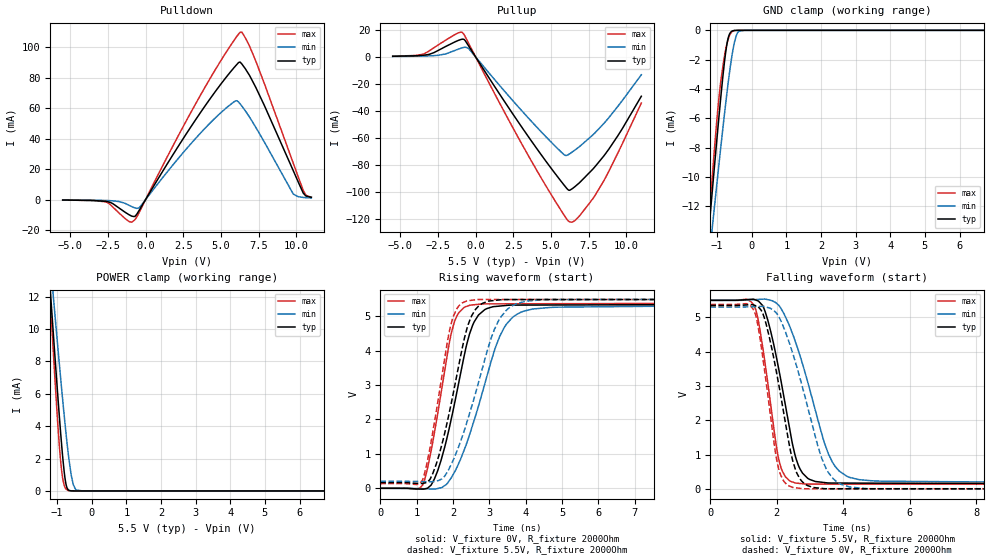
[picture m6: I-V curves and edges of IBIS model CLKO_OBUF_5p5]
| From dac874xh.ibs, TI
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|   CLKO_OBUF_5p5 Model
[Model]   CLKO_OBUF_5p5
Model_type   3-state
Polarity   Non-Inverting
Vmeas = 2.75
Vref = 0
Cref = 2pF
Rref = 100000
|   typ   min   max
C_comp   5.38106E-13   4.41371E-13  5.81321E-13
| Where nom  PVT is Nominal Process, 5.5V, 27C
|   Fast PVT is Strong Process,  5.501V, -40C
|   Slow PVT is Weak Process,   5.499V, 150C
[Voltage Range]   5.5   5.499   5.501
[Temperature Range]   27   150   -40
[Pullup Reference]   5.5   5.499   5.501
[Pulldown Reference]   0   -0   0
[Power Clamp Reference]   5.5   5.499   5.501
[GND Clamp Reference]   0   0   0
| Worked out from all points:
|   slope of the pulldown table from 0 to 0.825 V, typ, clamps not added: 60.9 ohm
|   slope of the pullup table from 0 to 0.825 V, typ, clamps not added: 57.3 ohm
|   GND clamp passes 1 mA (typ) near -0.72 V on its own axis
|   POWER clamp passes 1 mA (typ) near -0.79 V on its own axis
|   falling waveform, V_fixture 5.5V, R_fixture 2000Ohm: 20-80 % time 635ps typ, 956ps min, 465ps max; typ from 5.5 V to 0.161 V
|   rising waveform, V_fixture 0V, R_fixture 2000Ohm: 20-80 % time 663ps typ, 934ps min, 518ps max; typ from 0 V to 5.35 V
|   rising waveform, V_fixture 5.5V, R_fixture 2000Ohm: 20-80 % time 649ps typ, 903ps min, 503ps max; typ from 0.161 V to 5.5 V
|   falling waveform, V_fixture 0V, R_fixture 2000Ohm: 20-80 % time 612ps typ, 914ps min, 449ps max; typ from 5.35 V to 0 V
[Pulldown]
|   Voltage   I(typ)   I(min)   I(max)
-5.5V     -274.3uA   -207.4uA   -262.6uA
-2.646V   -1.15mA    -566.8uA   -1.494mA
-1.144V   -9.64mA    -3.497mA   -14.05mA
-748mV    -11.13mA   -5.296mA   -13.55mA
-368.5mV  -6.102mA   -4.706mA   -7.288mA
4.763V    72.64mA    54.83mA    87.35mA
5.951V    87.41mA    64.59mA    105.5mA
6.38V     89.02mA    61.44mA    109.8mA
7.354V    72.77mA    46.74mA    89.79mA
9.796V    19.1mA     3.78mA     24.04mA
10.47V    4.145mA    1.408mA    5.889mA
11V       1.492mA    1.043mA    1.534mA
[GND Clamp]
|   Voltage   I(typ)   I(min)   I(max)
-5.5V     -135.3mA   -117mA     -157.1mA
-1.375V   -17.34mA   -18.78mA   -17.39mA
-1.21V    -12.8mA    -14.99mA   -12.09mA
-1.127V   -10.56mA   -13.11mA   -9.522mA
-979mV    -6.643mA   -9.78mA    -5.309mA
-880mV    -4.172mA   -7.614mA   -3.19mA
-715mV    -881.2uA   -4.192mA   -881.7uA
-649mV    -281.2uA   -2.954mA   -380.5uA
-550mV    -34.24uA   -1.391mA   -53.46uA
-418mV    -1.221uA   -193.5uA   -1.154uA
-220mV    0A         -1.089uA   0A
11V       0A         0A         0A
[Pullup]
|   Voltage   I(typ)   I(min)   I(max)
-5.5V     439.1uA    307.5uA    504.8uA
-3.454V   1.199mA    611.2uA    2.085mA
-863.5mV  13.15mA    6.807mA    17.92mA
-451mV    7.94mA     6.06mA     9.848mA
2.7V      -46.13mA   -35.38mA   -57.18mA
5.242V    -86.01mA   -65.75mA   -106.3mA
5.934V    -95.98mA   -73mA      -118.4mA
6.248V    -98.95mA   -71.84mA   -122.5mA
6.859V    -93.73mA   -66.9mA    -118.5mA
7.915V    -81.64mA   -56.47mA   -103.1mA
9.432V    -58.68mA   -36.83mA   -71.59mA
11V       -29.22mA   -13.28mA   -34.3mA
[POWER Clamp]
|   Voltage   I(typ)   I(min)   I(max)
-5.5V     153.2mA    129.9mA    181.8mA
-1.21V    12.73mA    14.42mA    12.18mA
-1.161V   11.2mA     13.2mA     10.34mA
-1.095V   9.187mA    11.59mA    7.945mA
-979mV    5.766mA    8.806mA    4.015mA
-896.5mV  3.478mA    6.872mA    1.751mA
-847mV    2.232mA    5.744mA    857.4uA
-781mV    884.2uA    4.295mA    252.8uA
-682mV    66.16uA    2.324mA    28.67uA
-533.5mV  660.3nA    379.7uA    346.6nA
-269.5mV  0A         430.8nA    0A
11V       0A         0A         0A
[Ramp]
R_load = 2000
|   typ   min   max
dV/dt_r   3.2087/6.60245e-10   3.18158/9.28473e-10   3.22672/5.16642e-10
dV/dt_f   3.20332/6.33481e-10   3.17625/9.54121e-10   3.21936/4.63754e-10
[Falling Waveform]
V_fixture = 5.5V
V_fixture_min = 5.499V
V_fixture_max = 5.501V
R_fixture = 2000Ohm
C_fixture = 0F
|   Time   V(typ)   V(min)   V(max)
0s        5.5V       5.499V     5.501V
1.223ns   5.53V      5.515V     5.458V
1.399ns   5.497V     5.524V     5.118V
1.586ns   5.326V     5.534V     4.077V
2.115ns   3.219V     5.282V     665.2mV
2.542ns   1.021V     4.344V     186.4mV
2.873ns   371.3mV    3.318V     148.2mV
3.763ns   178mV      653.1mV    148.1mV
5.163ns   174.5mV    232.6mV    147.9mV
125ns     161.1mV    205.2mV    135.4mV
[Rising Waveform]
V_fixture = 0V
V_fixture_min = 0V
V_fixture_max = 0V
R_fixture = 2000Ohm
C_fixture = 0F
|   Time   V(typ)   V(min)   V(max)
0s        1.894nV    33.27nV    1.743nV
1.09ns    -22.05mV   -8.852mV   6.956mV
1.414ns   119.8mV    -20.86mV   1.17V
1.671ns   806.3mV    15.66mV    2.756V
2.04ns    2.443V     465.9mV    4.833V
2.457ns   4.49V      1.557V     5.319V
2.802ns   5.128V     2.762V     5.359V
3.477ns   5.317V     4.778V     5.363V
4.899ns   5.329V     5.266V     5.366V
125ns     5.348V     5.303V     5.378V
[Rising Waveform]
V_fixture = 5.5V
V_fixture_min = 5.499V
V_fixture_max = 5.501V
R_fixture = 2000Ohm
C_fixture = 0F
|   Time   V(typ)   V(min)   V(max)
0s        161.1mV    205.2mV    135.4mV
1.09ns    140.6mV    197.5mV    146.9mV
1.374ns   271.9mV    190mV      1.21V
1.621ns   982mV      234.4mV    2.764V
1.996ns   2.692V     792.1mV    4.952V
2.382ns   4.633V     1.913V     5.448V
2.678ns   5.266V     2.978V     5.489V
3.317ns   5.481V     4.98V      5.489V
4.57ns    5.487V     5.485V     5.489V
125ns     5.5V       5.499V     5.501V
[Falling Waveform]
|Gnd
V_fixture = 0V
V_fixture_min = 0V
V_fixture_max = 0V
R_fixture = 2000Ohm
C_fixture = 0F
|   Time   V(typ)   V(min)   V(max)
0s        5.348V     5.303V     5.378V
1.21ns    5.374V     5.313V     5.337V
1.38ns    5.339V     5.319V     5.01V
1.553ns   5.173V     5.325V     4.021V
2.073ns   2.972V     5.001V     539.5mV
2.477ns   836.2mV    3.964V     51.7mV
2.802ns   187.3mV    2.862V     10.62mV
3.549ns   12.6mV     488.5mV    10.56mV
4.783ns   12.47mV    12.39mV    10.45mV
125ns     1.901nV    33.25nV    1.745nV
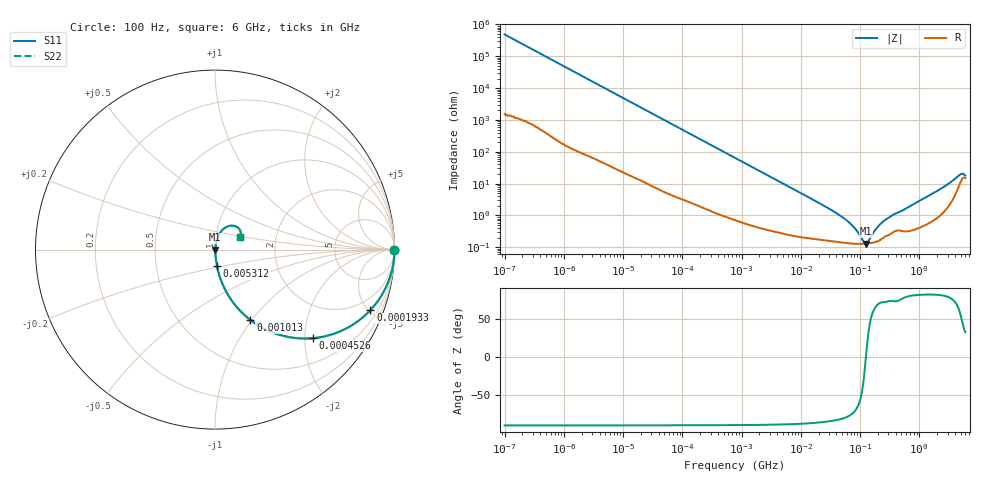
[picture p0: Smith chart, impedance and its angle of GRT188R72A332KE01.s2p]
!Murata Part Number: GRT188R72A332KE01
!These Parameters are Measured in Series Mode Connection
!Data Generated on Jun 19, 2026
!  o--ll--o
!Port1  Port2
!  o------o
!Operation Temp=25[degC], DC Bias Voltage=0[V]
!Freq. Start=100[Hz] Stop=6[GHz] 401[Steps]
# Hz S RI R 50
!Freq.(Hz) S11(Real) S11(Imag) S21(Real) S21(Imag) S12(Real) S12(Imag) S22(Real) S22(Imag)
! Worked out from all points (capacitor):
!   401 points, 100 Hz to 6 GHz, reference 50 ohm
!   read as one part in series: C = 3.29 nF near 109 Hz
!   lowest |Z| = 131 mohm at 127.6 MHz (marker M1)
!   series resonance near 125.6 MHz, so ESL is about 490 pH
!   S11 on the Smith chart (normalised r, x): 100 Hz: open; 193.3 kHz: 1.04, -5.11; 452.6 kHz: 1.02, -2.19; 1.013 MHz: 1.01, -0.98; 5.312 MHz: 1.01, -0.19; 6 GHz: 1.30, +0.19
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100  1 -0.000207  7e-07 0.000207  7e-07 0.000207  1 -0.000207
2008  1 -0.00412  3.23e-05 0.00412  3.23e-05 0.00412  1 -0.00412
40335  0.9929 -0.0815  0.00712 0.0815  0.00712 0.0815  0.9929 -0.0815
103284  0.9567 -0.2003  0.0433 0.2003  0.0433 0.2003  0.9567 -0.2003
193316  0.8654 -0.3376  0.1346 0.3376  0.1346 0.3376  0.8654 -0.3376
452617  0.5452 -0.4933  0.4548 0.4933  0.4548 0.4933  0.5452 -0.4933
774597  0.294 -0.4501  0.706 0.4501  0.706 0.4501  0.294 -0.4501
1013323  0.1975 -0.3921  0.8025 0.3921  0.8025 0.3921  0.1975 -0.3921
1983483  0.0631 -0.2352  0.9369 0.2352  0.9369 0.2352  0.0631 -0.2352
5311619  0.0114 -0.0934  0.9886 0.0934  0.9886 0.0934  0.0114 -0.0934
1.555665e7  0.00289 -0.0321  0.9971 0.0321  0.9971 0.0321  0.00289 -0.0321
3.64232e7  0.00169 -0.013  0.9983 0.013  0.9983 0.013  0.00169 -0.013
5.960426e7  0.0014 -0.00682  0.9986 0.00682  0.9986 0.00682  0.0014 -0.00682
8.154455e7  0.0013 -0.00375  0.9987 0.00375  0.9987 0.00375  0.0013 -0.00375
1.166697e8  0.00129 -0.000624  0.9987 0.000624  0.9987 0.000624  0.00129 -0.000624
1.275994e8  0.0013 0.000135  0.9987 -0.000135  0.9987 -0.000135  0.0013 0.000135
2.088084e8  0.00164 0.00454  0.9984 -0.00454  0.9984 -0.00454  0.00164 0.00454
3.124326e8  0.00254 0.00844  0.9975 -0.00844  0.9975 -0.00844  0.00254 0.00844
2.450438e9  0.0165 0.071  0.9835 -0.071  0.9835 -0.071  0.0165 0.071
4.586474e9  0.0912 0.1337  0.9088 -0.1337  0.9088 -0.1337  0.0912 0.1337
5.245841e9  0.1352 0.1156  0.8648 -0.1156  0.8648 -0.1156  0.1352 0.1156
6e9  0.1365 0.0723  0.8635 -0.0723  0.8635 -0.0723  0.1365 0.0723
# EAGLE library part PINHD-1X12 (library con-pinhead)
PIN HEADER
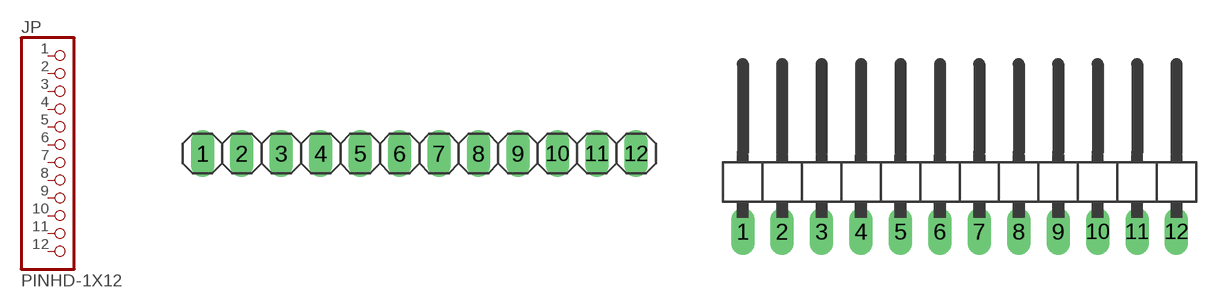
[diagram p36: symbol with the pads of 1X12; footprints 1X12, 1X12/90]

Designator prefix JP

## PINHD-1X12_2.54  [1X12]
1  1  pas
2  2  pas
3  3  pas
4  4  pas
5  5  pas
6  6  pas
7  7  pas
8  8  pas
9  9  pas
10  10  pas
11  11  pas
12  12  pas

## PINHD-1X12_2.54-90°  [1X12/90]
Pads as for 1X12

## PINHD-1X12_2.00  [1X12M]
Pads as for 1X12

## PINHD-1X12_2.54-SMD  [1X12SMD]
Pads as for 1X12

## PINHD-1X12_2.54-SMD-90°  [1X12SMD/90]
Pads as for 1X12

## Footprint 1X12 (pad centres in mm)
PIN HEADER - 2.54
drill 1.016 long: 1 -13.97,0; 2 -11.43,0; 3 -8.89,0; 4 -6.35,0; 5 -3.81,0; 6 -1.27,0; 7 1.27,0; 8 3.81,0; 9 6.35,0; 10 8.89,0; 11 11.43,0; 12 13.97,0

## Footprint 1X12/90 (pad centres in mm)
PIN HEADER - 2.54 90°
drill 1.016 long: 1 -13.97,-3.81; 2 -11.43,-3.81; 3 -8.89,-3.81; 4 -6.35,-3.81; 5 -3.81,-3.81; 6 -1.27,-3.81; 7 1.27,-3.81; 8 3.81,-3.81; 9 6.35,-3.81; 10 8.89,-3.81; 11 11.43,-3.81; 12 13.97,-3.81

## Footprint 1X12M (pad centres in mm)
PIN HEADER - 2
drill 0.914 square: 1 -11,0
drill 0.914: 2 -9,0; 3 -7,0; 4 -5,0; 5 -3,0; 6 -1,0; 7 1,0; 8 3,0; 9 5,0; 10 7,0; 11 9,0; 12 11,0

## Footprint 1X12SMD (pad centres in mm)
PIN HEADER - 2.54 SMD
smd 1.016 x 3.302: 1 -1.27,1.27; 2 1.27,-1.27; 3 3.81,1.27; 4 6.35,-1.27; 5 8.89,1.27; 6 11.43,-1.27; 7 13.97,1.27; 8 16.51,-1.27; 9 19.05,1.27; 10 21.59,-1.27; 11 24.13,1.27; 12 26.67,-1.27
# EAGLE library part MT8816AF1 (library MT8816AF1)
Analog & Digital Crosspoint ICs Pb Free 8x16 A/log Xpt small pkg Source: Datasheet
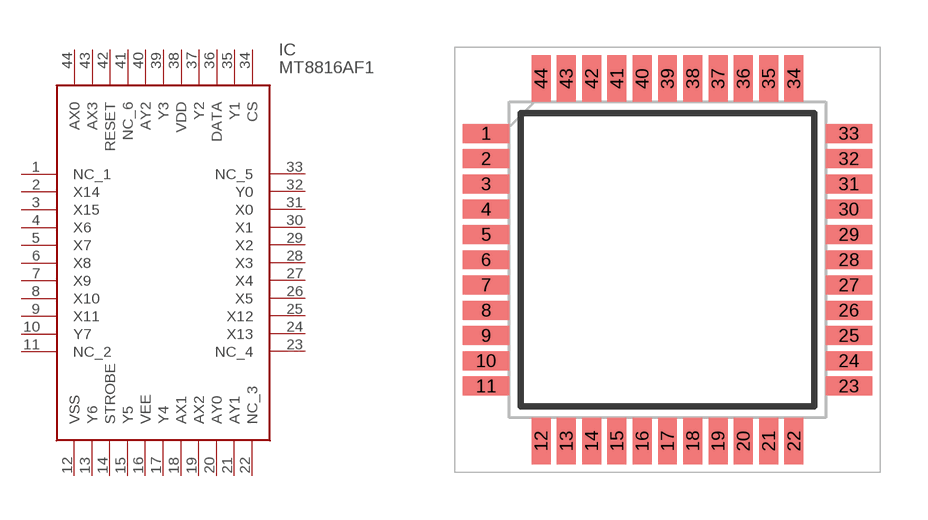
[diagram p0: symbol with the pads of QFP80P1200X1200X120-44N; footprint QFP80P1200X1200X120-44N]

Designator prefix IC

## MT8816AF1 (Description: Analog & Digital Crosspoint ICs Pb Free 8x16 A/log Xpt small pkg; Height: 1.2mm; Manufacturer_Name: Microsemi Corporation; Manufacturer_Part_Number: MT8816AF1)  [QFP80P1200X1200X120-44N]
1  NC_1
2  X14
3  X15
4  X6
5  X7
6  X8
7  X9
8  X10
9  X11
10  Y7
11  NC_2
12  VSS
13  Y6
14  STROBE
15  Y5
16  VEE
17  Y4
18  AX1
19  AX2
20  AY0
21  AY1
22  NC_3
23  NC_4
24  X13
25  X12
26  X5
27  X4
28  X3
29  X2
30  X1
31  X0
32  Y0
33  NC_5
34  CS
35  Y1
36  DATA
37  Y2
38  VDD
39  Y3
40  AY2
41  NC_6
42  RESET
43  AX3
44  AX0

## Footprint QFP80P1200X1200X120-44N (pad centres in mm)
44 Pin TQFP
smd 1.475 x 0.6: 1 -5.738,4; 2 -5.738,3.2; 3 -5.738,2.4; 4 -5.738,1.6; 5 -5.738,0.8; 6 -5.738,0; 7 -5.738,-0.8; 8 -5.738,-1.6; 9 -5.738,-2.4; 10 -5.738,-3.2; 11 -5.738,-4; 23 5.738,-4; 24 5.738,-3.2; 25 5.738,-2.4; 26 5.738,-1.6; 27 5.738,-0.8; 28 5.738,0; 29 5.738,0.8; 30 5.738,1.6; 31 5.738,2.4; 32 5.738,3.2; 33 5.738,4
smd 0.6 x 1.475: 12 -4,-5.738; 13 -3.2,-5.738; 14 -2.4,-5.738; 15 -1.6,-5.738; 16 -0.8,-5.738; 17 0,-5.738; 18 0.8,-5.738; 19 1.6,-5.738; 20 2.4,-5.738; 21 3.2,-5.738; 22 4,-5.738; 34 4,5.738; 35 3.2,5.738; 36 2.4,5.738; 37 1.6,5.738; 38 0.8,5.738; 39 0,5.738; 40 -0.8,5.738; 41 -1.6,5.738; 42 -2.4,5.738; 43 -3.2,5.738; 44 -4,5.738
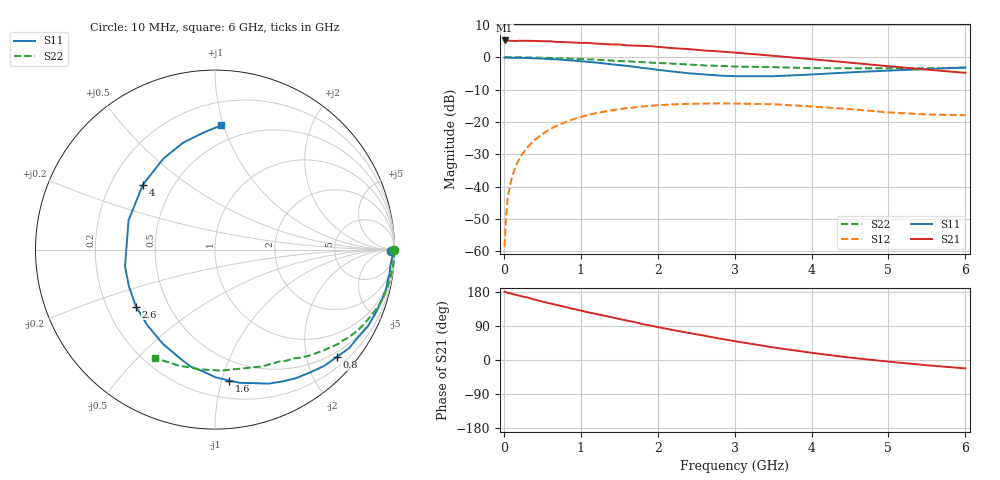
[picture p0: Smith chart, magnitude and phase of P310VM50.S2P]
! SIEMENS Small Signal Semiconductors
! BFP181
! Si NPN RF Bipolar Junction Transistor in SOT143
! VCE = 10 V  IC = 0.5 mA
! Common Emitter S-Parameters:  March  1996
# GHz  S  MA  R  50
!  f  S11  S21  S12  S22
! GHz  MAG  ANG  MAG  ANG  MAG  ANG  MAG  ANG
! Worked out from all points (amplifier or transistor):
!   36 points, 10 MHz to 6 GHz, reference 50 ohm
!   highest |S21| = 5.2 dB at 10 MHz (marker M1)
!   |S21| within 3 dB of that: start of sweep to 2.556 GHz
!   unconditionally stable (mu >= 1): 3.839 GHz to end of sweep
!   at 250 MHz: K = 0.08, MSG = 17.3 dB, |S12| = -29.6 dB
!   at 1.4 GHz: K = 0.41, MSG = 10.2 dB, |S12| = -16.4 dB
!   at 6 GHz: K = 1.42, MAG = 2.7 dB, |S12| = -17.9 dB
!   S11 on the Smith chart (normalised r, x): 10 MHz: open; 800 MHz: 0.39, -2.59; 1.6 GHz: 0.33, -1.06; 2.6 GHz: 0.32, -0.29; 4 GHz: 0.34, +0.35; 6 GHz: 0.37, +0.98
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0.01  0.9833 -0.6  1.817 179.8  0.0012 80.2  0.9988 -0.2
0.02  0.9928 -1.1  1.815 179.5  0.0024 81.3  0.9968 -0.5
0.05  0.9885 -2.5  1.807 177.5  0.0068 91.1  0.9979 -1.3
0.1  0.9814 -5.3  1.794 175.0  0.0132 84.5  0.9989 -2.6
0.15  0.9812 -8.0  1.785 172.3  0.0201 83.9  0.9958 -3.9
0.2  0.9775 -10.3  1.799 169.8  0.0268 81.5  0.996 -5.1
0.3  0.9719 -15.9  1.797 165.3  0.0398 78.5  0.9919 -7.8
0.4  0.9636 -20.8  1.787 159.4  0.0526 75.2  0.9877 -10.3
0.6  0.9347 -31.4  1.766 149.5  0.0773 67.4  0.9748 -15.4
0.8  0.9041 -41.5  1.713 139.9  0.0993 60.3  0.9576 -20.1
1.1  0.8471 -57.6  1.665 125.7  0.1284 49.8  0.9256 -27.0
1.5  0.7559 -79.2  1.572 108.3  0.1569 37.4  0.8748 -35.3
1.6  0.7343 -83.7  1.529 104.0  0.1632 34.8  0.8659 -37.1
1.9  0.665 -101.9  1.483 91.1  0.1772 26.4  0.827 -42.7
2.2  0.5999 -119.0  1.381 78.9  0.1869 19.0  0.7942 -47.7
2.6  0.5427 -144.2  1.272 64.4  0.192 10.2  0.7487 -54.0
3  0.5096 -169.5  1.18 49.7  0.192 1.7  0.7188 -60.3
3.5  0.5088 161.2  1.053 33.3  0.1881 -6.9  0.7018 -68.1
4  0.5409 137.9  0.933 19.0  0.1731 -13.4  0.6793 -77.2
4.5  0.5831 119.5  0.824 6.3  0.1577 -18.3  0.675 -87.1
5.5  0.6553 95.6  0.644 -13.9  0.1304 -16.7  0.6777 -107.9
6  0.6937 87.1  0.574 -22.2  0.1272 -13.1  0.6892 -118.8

> _YOUR TASK_: Copy every line exactly, from the opening line of the entries down to the line holding "-0.79 V on its own axis", and keep the pictures out.

> _YOUR SOLUTION_:
[picture m6: I-V curves and edges of IBIS model CLKO_OBUF_5p5]
| From dac874xh.ibs, TI
|   CLKO_OBUF_5p5 Model
[Model]   CLKO_OBUF_5p5
Model_type   3-state
Polarity   Non-Inverting
Vmeas = 2.75
Vref = 0
Cref = 2pF
Rref = 100000
|   typ   min   max
C_comp   5.38106E-13   4.41371E-13  5.81321E-13
| Where nom  PVT is Nominal Process, 5.5V, 27C
|   Fast PVT is Strong Process,  5.501V, -40C
|   Slow PVT is Weak Process,   5.499V, 150C
[Voltage Range]   5.5   5.499   5.501
[Temperature Range]   27   150   -40
[Pullup Reference]   5.5   5.499   5.501
[Pulldown Reference]   0   -0   0
[Power Clamp Reference]   5.5   5.499   5.501
[GND Clamp Reference]   0   0   0
| Worked out from all points:
|   slope of the pulldown table from 0 to 0.825 V, typ, clamps not added: 60.9 ohm
|   slope of the pullup table from 0 to 0.825 V, typ, clamps not added: 57.3 ohm
|   GND clamp passes 1 mA (typ) near -0.72 V on its own axis
|   POWER clamp passes 1 mA (typ) near -0.79 V on its own axis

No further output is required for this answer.